Evolution mechanism and key control processes of inclusions in high carbon chromium bearing steel during whole process
LIU Hongbo1, LIU Ying1, XIE Rongyuan2, ZHANG Caidong1, CHE Xiaorui1, LI Min1, GAO Peng3, TIAN Zhiqiang1, ZHANG Jie4
1. Material Technology Research Institute, HBIS Group, Shijiazhuang 050023, Hebei, China; 2. HBIS Digital Technology Co., Ltd., Shijiazhuang 050100, Hebei, China; 3. Shisteel Company, HBIS Group, Shijiazhuang 050199, Hebei, China; 4. School of Metallurgical and Ecological Engineering, University of Science and Technology Beijing, Beijing 100083, China
Abstract:To study the evolution of inclusions in GCr15 bearing steel, the Aztec-Feature inclusion automatic software configured with Zeiss Ultra55 scanning electron microscope was used to statistically analyze samples in EAF-LF-RH-CC each process with over 200 mm2 scanning area. The evolution of inclusion morphology, composition, quantity, size and distribution, etc. in each process was analyzed. The result indicates that, the main inclusions in GCr15 bearing steel are mainly Al2O3 in EAF exit. In the LF refining process, the main inclusions are MgO-Al2O3 and Al2O3-MgO-CaO with a little CaO. After RH start, the content of CaO in the inclusions increases, forming Al2O3-CaO-MgO inclusions. Finally, the average composition of inclusions in the tundish is 56Al2O3-22CaO-7MgO-8CaS. At the same time, the LF-RH refining stage and the early stage of RH soft blowing have significant removal effect on inclusions in steel, with removal rate of 95.6%. However, with the increase of RH soft blowing time, it has little effect on the removal of T[O] and [N] in the steel, and even large inclusions may be involved, leading to T[O] and average size of inclusions increase. According to the calculation of FactSage equilibrium thermodynamics, when w(T[O])=7×10-6,w([Mg])≥0.4×10-6 and w([Ca])≥0.16×10-6 in GCr15 bearing steel liquid, magnesium aluminum spinel and solid calcium aluminate inclusions can be generated respectively. The research results provide theoretical guidance and reference to the production of bearing steel.

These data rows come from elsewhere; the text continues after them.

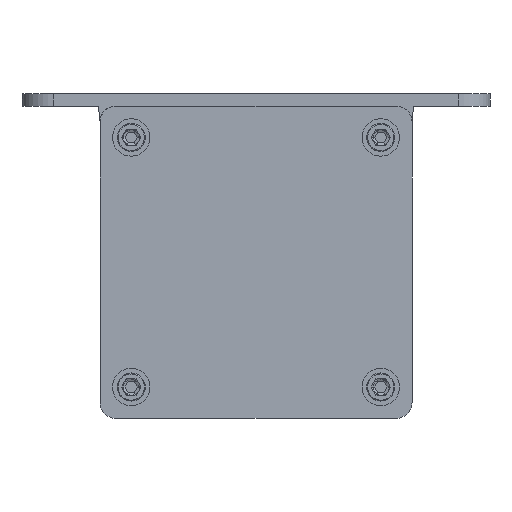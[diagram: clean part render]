
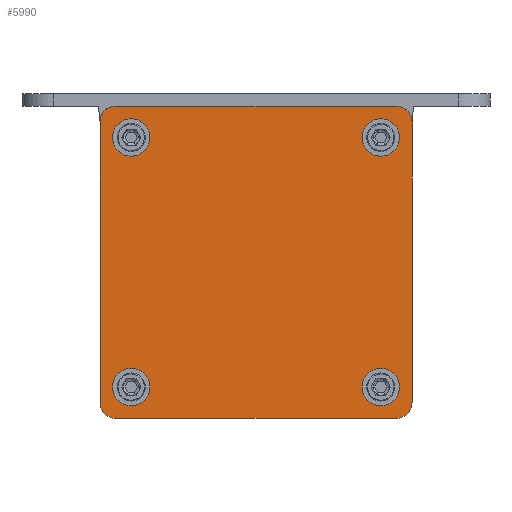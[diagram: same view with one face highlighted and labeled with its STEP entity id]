
A CAD part, front view. The second image highlights one B-rep face of the part: STEP entity #5990.
In plain terms, the highlighted planar face has unit normal (0, -1, 0).
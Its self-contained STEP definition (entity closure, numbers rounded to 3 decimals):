
#2125=CARTESIAN_POINT('',(-45.,-375.5,-45.));
#2126=DIRECTION('',(0.,-1.,0.));
#2127=DIRECTION('',(-1.,0.,0.));
#2128=AXIS2_PLACEMENT_3D('',#2125,#2126,#2127);
#2130=DIRECTION('',(0.,0.,-1.));
#2131=VECTOR('',#2130,90.);
#2132=CARTESIAN_POINT('',(-50.,-375.5,45.));
#2133=LINE('',#2132,#2131);
#2134=CARTESIAN_POINT('',(-45.,-375.5,45.));
#2135=DIRECTION('',(0.,-1.,0.));
#2136=DIRECTION('',(0.,0.,1.));
#2137=AXIS2_PLACEMENT_3D('',#2134,#2135,#2136);
#2139=DIRECTION('',(-1.,0.,0.));
#2140=VECTOR('',#2139,90.);
#2141=CARTESIAN_POINT('',(45.,-375.5,50.));
#2142=LINE('',#2141,#2140);
#2143=CARTESIAN_POINT('',(45.,-375.5,45.));
#2144=DIRECTION('',(0.,-1.,0.));
#2145=DIRECTION('',(1.,0.,0.));
#2146=AXIS2_PLACEMENT_3D('',#2143,#2144,#2145);
#2148=DIRECTION('',(0.,0.,1.));
#2149=VECTOR('',#2148,90.);
#2150=CARTESIAN_POINT('',(50.,-375.5,-45.));
#2151=LINE('',#2150,#2149);
#2152=CARTESIAN_POINT('',(45.,-375.5,-45.));
#2153=DIRECTION('',(0.,-1.,0.));
#2154=DIRECTION('',(0.,0.,-1.));
#2155=AXIS2_PLACEMENT_3D('',#2152,#2153,#2154);
#2157=DIRECTION('',(1.,0.,0.));
#2158=VECTOR('',#2157,90.);
#2159=CARTESIAN_POINT('',(-45.,-375.5,-50.));
#2160=LINE('',#2159,#2158);
#2161=CARTESIAN_POINT('',(-40.,-375.5,-40.));
#2162=DIRECTION('',(0.,-1.,0.));
#2163=DIRECTION('',(0.,0.,1.));
#2164=AXIS2_PLACEMENT_3D('',#2161,#2162,#2163);
#2166=CARTESIAN_POINT('',(-40.,-375.5,-40.));
#2167=DIRECTION('',(0.,-1.,0.));
#2168=DIRECTION('',(0.,0.,-1.));
#2169=AXIS2_PLACEMENT_3D('',#2166,#2167,#2168);
#2171=CARTESIAN_POINT('',(-40.,-375.5,40.));
#2172=DIRECTION('',(0.,-1.,0.));
#2173=DIRECTION('',(0.,0.,1.));
#2174=AXIS2_PLACEMENT_3D('',#2171,#2172,#2173);
#2176=CARTESIAN_POINT('',(-40.,-375.5,40.));
#2177=DIRECTION('',(0.,-1.,0.));
#2178=DIRECTION('',(0.,0.,-1.));
#2179=AXIS2_PLACEMENT_3D('',#2176,#2177,#2178);
#2181=CARTESIAN_POINT('',(40.,-375.5,-40.));
#2182=DIRECTION('',(0.,-1.,0.));
#2183=DIRECTION('',(0.,0.,1.));
#2184=AXIS2_PLACEMENT_3D('',#2181,#2182,#2183);
#2186=CARTESIAN_POINT('',(40.,-375.5,-40.));
#2187=DIRECTION('',(0.,-1.,0.));
#2188=DIRECTION('',(0.,0.,-1.));
#2189=AXIS2_PLACEMENT_3D('',#2186,#2187,#2188);
#2191=CARTESIAN_POINT('',(40.,-375.5,40.));
#2192=DIRECTION('',(0.,-1.,0.));
#2193=DIRECTION('',(0.,0.,1.));
#2194=AXIS2_PLACEMENT_3D('',#2191,#2192,#2193);
#2196=CARTESIAN_POINT('',(40.,-375.5,40.));
#2197=DIRECTION('',(0.,-1.,0.));
#2198=DIRECTION('',(0.,0.,-1.));
#2199=AXIS2_PLACEMENT_3D('',#2196,#2197,#2198);
#2509=CARTESIAN_POINT('',(-50.,-375.5,-45.));
#2510=CARTESIAN_POINT('',(-45.,-375.5,-50.));
#2511=VERTEX_POINT('',#2509);
#2512=VERTEX_POINT('',#2510);
#2513=CARTESIAN_POINT('',(45.,-375.5,-50.));
#2514=VERTEX_POINT('',#2513);
#2515=CARTESIAN_POINT('',(50.,-375.5,-45.));
#2516=VERTEX_POINT('',#2515);
#2517=CARTESIAN_POINT('',(50.,-375.5,45.));
#2518=VERTEX_POINT('',#2517);
#2519=CARTESIAN_POINT('',(45.,-375.5,50.));
#2520=VERTEX_POINT('',#2519);
#2521=CARTESIAN_POINT('',(-45.,-375.5,50.));
#2522=VERTEX_POINT('',#2521);
#2523=CARTESIAN_POINT('',(-50.,-375.5,45.));
#2524=VERTEX_POINT('',#2523);
#2537=CARTESIAN_POINT('',(-40.,-375.5,-36.75));
#2538=CARTESIAN_POINT('',(-40.,-375.5,-43.25));
#2539=VERTEX_POINT('',#2537);
#2540=VERTEX_POINT('',#2538);
#2541=CARTESIAN_POINT('',(-40.,-375.5,43.25));
#2542=CARTESIAN_POINT('',(-40.,-375.5,36.75));
#2543=VERTEX_POINT('',#2541);
#2544=VERTEX_POINT('',#2542);
#2545=CARTESIAN_POINT('',(40.,-375.5,-36.75));
#2546=CARTESIAN_POINT('',(40.,-375.5,-43.25));
#2547=VERTEX_POINT('',#2545);
#2548=VERTEX_POINT('',#2546);
#2549=CARTESIAN_POINT('',(40.,-375.5,43.25));
#2550=CARTESIAN_POINT('',(40.,-375.5,36.75));
#2551=VERTEX_POINT('',#2549);
#2552=VERTEX_POINT('',#2550);
#5945=CARTESIAN_POINT('',(0.,-375.5,0.));
#5946=DIRECTION('',(0.,-1.,0.));
#5947=DIRECTION('',(0.,0.,1.));
#5948=AXIS2_PLACEMENT_3D('',#5945,#5946,#5947);
#5949=PLANE('',#5948);
#5951=ORIENTED_EDGE('',*,*,#5950,.F.);
#5953=ORIENTED_EDGE('',*,*,#5952,.F.);
#5955=ORIENTED_EDGE('',*,*,#5954,.F.);
#5957=ORIENTED_EDGE('',*,*,#5956,.F.);
#5959=ORIENTED_EDGE('',*,*,#5958,.F.);
#5961=ORIENTED_EDGE('',*,*,#5960,.F.);
#5963=ORIENTED_EDGE('',*,*,#5962,.F.);
#5965=ORIENTED_EDGE('',*,*,#5964,.F.);
#5966=EDGE_LOOP('',(#5951,#5953,#5955,#5957,#5959,#5961,#5963,#5965));
#5967=FACE_OUTER_BOUND('',#5966,.F.);
#5968=ORIENTED_EDGE('',*,*,#5925,.T.);
#5969=ORIENTED_EDGE('',*,*,#5939,.T.);
#5970=EDGE_LOOP('',(#5968,#5969));
#5971=FACE_BOUND('',#5970,.F.);
#5973=ORIENTED_EDGE('',*,*,#5972,.T.);
#5975=ORIENTED_EDGE('',*,*,#5974,.T.);
#5976=EDGE_LOOP('',(#5973,#5975));
#5977=FACE_BOUND('',#5976,.F.);
#5979=ORIENTED_EDGE('',*,*,#5978,.T.);
#5981=ORIENTED_EDGE('',*,*,#5980,.T.);
#5982=EDGE_LOOP('',(#5979,#5981));
#5983=FACE_BOUND('',#5982,.F.);
#5985=ORIENTED_EDGE('',*,*,#5984,.T.);
#5987=ORIENTED_EDGE('',*,*,#5986,.T.);
#5988=EDGE_LOOP('',(#5985,#5987));
#5989=FACE_BOUND('',#5988,.F.);
#5990=ADVANCED_FACE('',(#5967,#5971,#5977,#5983,#5989),#5949,.T.);
#2129=CIRCLE('',#2128,5.);
#2138=CIRCLE('',#2137,5.);
#2147=CIRCLE('',#2146,5.);
#2156=CIRCLE('',#2155,5.);
#2165=CIRCLE('',#2164,3.25);
#2170=CIRCLE('',#2169,3.25);
#2175=CIRCLE('',#2174,3.25);
#2180=CIRCLE('',#2179,3.25);
#2185=CIRCLE('',#2184,3.25);
#2190=CIRCLE('',#2189,3.25);
#2195=CIRCLE('',#2194,3.25);
#2200=CIRCLE('',#2199,3.25);
#5925=EDGE_CURVE('',#2539,#2540,#2165,.T.);
#5939=EDGE_CURVE('',#2540,#2539,#2170,.T.);
#5950=EDGE_CURVE('',#2511,#2512,#2129,.T.);
#5952=EDGE_CURVE('',#2524,#2511,#2133,.T.);
#5954=EDGE_CURVE('',#2522,#2524,#2138,.T.);
#5956=EDGE_CURVE('',#2520,#2522,#2142,.T.);
#5958=EDGE_CURVE('',#2518,#2520,#2147,.T.);
#5960=EDGE_CURVE('',#2516,#2518,#2151,.T.);
#5962=EDGE_CURVE('',#2514,#2516,#2156,.T.);
#5964=EDGE_CURVE('',#2512,#2514,#2160,.T.);
#5972=EDGE_CURVE('',#2543,#2544,#2175,.T.);
#5974=EDGE_CURVE('',#2544,#2543,#2180,.T.);
#5978=EDGE_CURVE('',#2547,#2548,#2185,.T.);
#5980=EDGE_CURVE('',#2548,#2547,#2190,.T.);
#5984=EDGE_CURVE('',#2551,#2552,#2195,.T.);
#5986=EDGE_CURVE('',#2552,#2551,#2200,.T.);

刘洪波, 刘颖, 谢荣圆, 张彩东, 车晓锐, 李民, 高鹏, 田志强, 张杰. 高碳铬轴承钢全流程夹杂物演变机理及关键控制工艺[J]. 中国冶金, 2024, 34(2): 117-125.
LIU Hongbo, LIU Ying, XIE Rongyuan, ZHANG Caidong, CHE Xiaorui, LI Min, GAO Peng, TIAN Zhiqiang, ZHANG Jie. Evolution mechanism and key control processes of inclusions in high carbon chromium bearing steel during whole process[J]. China Metallurgy, 2024, 34(2): 117-125.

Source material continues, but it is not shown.